The positive news sent financial markets soaring. The Greek stock exchange shot up by 9 per cent while the price of Greek government debt also rallied strongly, easing down the country’s cost of borrowing.

Athens is due to repay €1.6bn to the International Monetary Fund on 30 June – but the country has run out of cash and without a €7.2bn bailout payment from its creditors before the end of the month it would become the first eurozone country in the history of the currency bloc to default on its sovereign liabilities. Many believe a default would be followed by an immediate financial crisis and the inevitable return of the drachma.

Stock exchanges across Europe were also lifted with the FTSE 100 leading shares benchmark ending the day higher. American stocks were also swept along in the eurozone relief rally with the S&P 500 Index sent close to a record high.

If a deal is done on 25 June attention will rapidly shift to national parliaments, which would need to approve the deal to release the cash. The biggest obstacles would probably be the German, Dutch and Finnish legislatures, where many parliamentarians have been vociferously opposed to any further cash to help Greece.

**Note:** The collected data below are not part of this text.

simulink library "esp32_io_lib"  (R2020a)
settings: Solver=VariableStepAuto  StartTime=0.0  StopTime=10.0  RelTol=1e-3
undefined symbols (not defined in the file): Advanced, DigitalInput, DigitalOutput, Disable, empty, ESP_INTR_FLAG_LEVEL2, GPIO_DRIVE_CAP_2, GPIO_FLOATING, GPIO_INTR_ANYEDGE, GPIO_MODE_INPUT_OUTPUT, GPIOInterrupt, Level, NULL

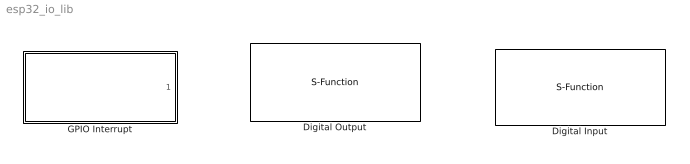
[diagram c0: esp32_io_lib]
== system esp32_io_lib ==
  Digital Input : S-Function  FunctionName=esp32_digital_input  Parameters=blockid,sampletime,pull_mode_define,pin0,pin1,pin2,pin3,pin4,pin5,pin6,pin7,pin8,pin9,pin10,pin11,pin12,pin13,pin14,pin15,pin16,pin17,pin18,pin19,pin20,pin21,pin22,pin23,pin24,pin25,pin26,pin27,pin28,pin29,pin30,pin31,pin32,pin33,pin34,pin35,pin36,pin37,pin38,pin39,pin40,pin41,pin42,pin43,pin44,pin45,pin46,pin47,pin48,pin_hold_define,deep_sleep_pin_hold_define,pin_string,pin_array,numpins  SFunctionDeploymentMode=off  EnableBusSupport=off  mask(esp32_digital_input){blockid=DigitalInput, settings=Advanced, overridepin=off, pin0=off, pin1=off, pin2=off, pin3=off, pin4=off, pin5=off, pin6=off, pin7=off, pin8=off, pin9=off, pin10=off, pin11=off, pin12=off, pin13=off, pin14=off, pin15=off, pin16=on, pin17=off, pin18=off, pin19=off, pin20=off, pin21=off, pin22=off, pin23=off, pin24=off, pin25=off, pin26=off, pin27=off, pin28=off, pin29=off, pin30=off, pin31=off, pin32=off, pin33=off, pin34=off, pin35=off, pin36=off, pin37=off, pin38=off, pin39=off, pin40=off, pin41=off, pin42=off, pin43=off, pin44=off, pin45=off, pin46=off, pin47=off, pin48=off, pull_mode=None (floating), pin_hold=Disable, deep_sleep_pin_hold=Disable, pin_array=[0  0  0  0  0  0  0  0  0  0  0  0  0  0  0  0  1  0  0  0  0  0  0  0  0  0  0  0  0  0  0  0  0  0  0  0  0  0  0  0  0  0  0  0  0  0  0  0  0], inport_num=1, pin_hold_define=off, pull_mode_define=GPIO_FLOATING, deep_sleep_pin_hold_define=off, pin_string=((1ULL<<16)), numpins=49, sampletime=-1}
      mask prompts: settings "Settings interface:"; overridepin "Override pin selection constraints"; pin0 "Pin 0"; pin1 "Pin 1"; pin2 "Pin 2"; pin3 "Pin 3"; pin4 "Pin 4"; pin5 "Pin 5"; pin6 "Pin 6"; pin7 "Pin 7"; pin8 "Pin 8"; pin9 "Pin 9"; pin10 "Pin 10"; pin11 "Pin 11"; pin12 "Pin 12"; pin13 "Pin 13"; pin14 "Pin 14"; pin15 "Pin 15"; pin16 "Pin 16"; pin17 "Pin 17"; pin18 "Pin 18"; pin19 "Pin 19"; pin20 "Pin 20"; pin21 "Pin 21"; pin22 "Pin 22"; pin23 "Pin 23"; pin24 "Pin 24"; pin25 "Pin 25"; pin26 "Pin 26"; pin27 "Pin 27"; pin28 "Pin 28"; pin29 "Pin 29"; pin30 "Pin 30"; pin31 "Pin 31"; pin32 "Pin 32"; pin33 "Pin 33"; pin34 "Pin 34"; pin35 "Pin 35"; pin36 "Pin 36"; pin37 "Pin 37"; pin38 "Pin 38"; pin39 "Pin 39"; pin40 "Pin 40"; pin41 "Pin 41"; pin42 "Pin 42"; pin43 "Pin 43"; pin44 "Pin 44"; pin45 "Pin 45"; pin46 "Pin 46"; pin47 "Pin 47"; pin48 "Pin 48"; pull_mode "pull mode:"; pin_hold "Pin hold:"; deep_sleep_pin_hold "Deep sleep pin hold (affects all GPIO):"; pin_array "Pin array"; inport_num "Input_ports"; pin_hold_define "Def pin hold"; pull_mode_define "Def pull mode"; deep_sleep_pin_hold_define "Def pin hold sleep"; pin_string "Pin String"; sampletime "Sample time (sec)"
      mask help: Digital Input pin block for ESP32. The pins can be configured with 'Basic' and 'Advanced' settings. In 'Basic' settings, the pin is configured with no pull-up/pull-down resistors and no 'pin hold' functionality In 'Advanced' settings, the user has the full control over the configured GPIO out pins.
      mask init:
      | esp32_digital_input_callback('init');
  Digital Output : S-Function  FunctionName=esp32_digital_output  Parameters=blockid,sampletime,pin_mode_define,pin0,pin1,pin2,pin3,pin4,pin5,pin6,pin7,pin8,pin9,pin10,pin11,pin12,pin13,pin14,pin15,pin16,pin17,pin18,pin19,pin20,pin21,pin22,pin23,pin24,pin25,pin26,pin27,pin28,pin29,pin30,pin31,pin32,pin33,pin34,pin35,pin36,pin37,pin38,pin39,pin40,pin41,pin42,pin43,pin44,pin45,pin46,pin47,pin48,drive_capability_define,pin_hold_define,deep_sleep_pin_hold_define,pin_string,pin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  SFunctionDeploymentMode=off  EnableBusSupport=off  mask(esp32_digital_output){blockid=DigitalOutput, settings=Advanced, overridepin=off, pin0=off, pin1=off, pin2=on, pin3=off, pin4=off, pin5=off, pin6=off, pin7=off, pin8=off, pin9=off, pin10=off, pin11=off, pin12=off, pin13=off, pin14=off, pin15=off, pin16=off, pin17=off, pin18=off, pin19=off, pin20=off, pin21=off, pin22=off, pin23=off, pin24=off, pin25=off, pin26=off, pin27=off, pin28=off, pin29=off, pin30=off, pin31=off, pin32=off, pin33=off, pin34=off, pin35=off, pin36=off, pin37=off, pin38=off, pin39=off, pin40=off, pin41=off, pin42=off, pin43=off, pin44=off, pin45=off, pin46=off, pin47=off, pin48=off, pin_initialize=on, pin_mode=Push-pull, sampletime=-1, drive_capability=Normal (default), pin_hold=Disable, deep_sleep_pin_hold=Disable, pin_array=[0  0  1  0  0  0  0  0  0  0  0  0  0  0  0  0  0  0  0  0  0  0  0  0  0  0  0  0  0  0  0  0  0  0  0  0  0  0  0  0  0  0  0  0  0  0  0  0  0], inport_num=1, drive_capability_define=GPIO_DRIVE_CAP_2, pin_hold_define=off, pin_mode_define=GPIO_MODE_INPUT_OUTPUT, deep_sleep_pin_hold_define=off, pin_string=((1ULL<<2)), numpins=49}
      mask prompts: settings "Settings interface:"; overridepin "Override pin selection constraints"; pin0 "Pin 0"; pin1 "Pin 1"; pin2 "Pin 2"; pin3 "Pin 3"; pin4 "Pin 4"; pin5 "Pin 5"; pin6 "Pin 6"; pin7 "Pin 7"; pin8 "Pin 8"; pin9 "Pin 9"; pin10 "Pin 10"; pin11 "Pin 11"; pin12 "Pin 12"; pin13 "Pin 13"; pin14 "Pin 14"; pin15 "Pin 15"; pin16 "Pin 16"; pin17 "Pin 17"; pin18 "Pin 18"; pin19 "Pin 19"; pin20 "Pin 20"; pin21 "Pin 21"; pin22 "Pin 22"; pin23 "Pin 23"; pin24 "Pin 24"; pin25 "Pin 25"; pin26 "Pin 26"; pin27 "Pin 27"; pin28 "Pin 28"; pin29 "Pin 29"; pin30 "Pin 30"; pin31 "Pin 31"; pin32 "Pin 32"; pin33 "Pin 33"; pin34 "Pin 34"; pin35 "Pin 35"; pin36 "Pin 36"; pin37 "Pin 37"; pin38 "Pin 38"; pin39 "Pin 39"; pin40 "Pin 40"; pin41 "Pin 41"; pin42 "Pin 42"; pin43 "Pin 43"; pin44 "Pin 44"; pin45 "Pin 45"; pin46 "Pin 46"; pin47 "Pin 47"; pin48 "Pin 48"; pin_initialize "Initialize the above pins"; pin_mode "Pin mode:"; sampletime "Sample time (sec)"; drive_capability "Drive capability:"; pin_hold "Pin hold:"; deep_sleep_pin_hold "Deep sleep pin hold (affects all GPIO):"; pin_array "Pin array"; inport_num "Input_ports"; drive_capability_define "Def drive capability"; pin_hold_define "Def pin hold"; pin_mode_define "Def pin mode"; deep_sleep_pin_hold_define "Def pin hold sleep"; pin_string "Pin String"
      mask help: Digital output pin block for ESP32. The pins can be configured with 'Basic' and 'Advanced' settings. In 'Basic' settings, the pin mode is push-pull with no 'pin hold' and the pin drive strength is at default. In 'Advanced' settings, the user has the full control over the configured GPIO out pins.
      mask init:
      | esp32_digital_output_callback('init');
  GPIO Interrupt : Subsystem  mask(esp32_gpio_interrupt){pin=0, trigger_type=Both edges, trigger_type_define=GPIO_INTR_ANYEDGE, interrupt_priority=Level 2, interrupt_priority_define=ESP_INTR_FLAG_LEVEL2, blockid=GPIOInterrupt, sampletime=-1, check_destination_block=NULL, destination_is_xTask=empty}
      mask prompts: pin "GPIO pin:"; trigger_type "Trigger type:"; trigger_type_define "Trigger type define"; interrupt_priority "Interrupt priority level:"; interrupt_priority_define "Interrupt priority define"; blockid "Block ID"; sampletime "Sample time (sec)"; check_destination_block "Check destination block"; destination_is_xTask "Destination block type"
      mask help: This block can be used to set up an Interrupt Service Routine (ISR) that could be triggered by an input signal to one of the digital pins.
      mask init:
      | esp32_gpio_interrupt_callback('init');

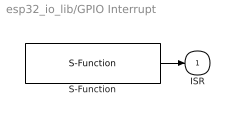
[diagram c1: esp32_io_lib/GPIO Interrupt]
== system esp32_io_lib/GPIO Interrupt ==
  S-Function : S-Function  FunctionName=esp32_gpio_interrupt  Parameters=blockid, sampletime, pin, trigger_type_define, interrupt_priority_define, destination_is_xTask  SFunctionDeploymentMode=off  EnableBusSupport=off
  ISR : Outport  VectorParamsAs1DForOutWhenUnconnected=off
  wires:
  S-Function/1 -> ISR/1

But Mr Tsipras could also face difficulties securing the approval of his own MPs in Greece, given that his Syriza party was elected five months ago on a clear anti-austerity platform.


The details of the Greece’s concessions were not made public but the country’s Economy Minister, Giorgos Stathakis, told the BBC they included an increase in the VAT rate for selected items, although not for electricity. Other tax-raising proposals are a fresh tax on business and the wealthy. There was also an agreement to find savings from the pensions system, which Greek officials said would be made by increasing employers’ contributions and raising the retirement age for those born after 1993 to 67.

There was also an acceptance that there will be no immediate debt forgiveness for Athens, despite Mr Tsipras previously insisting on this. And Greece is apparently offering to run a 1 per cent of GDP surplus this year, followed by 2 per cent in 2016 and 3 per cent in 2017.

Mr Stathakis stressed to the BBC that Greece had not crossed any of its negotiation “red lines”, although he expected some opposition from the left wing of Syriza.

He added that under the agreement Greece would be able to reintroduce collective bargaining by trade unions.

Athens had accidentally sent a wrong draft of the document to Brussels on 21 June but Mr Dijsselbloem confirmed that the earlier document had not been substantially different from the final version that arrived the following day.


The Greek banking system has been haemorrhaging deposits in recent weeks as the prospect of a sovereign default has edged closer, forcing the country’s lenders to rely on emergency liquidity support from the European Central Bank.

Despite yesterday’s positive news the ECB needed to raise the ceiling on support to Greece’s financial system by a further €2bn and it is due to hold another meeting on funding on 23 June.

Mr Schäuble and his Irish counterpart, Michael Noonan, reportedly lobbied in yesterday’s Eurogroup meeting of eurozone finance ministers for this cap to be fixed unless Athens also imposes capital controls.

Yanis Varoufakis, the Greek Finance Minister, is said to have responded by arguing that it would be difficult to make capital controls effective in Greece.

Speaking after the Eurozone leaders meeting, Angela Merkel, the German Chancellor, said “time is short” to reach a deal with Greece and that “intensive work” was still needed.

But she added that all the leaders had “strongly backed” the efforts to come to a deal that will see Greece remain in the euro.

Mr Juncker added: “I want ordinary Greeks to know we are offering 35bn euros [about £25bn] to help the economy.”

But, on the issue of debt relief sought by Greece, he said: “This is not the time to discuss that issue.”

Christine Lagarde, managing director of the International Monetary Fund told reporters: “We have a huge amount of work to do on Greece.”

The Lithuanian President, Dalia Grybauskaitė, was clearly unhappy.

“The Greek government still wants to party but the bills have to be paid by somebody else,” she wrote on Twitter.

And she said: “(Today's) meeting was good on promises but not on outcomes.”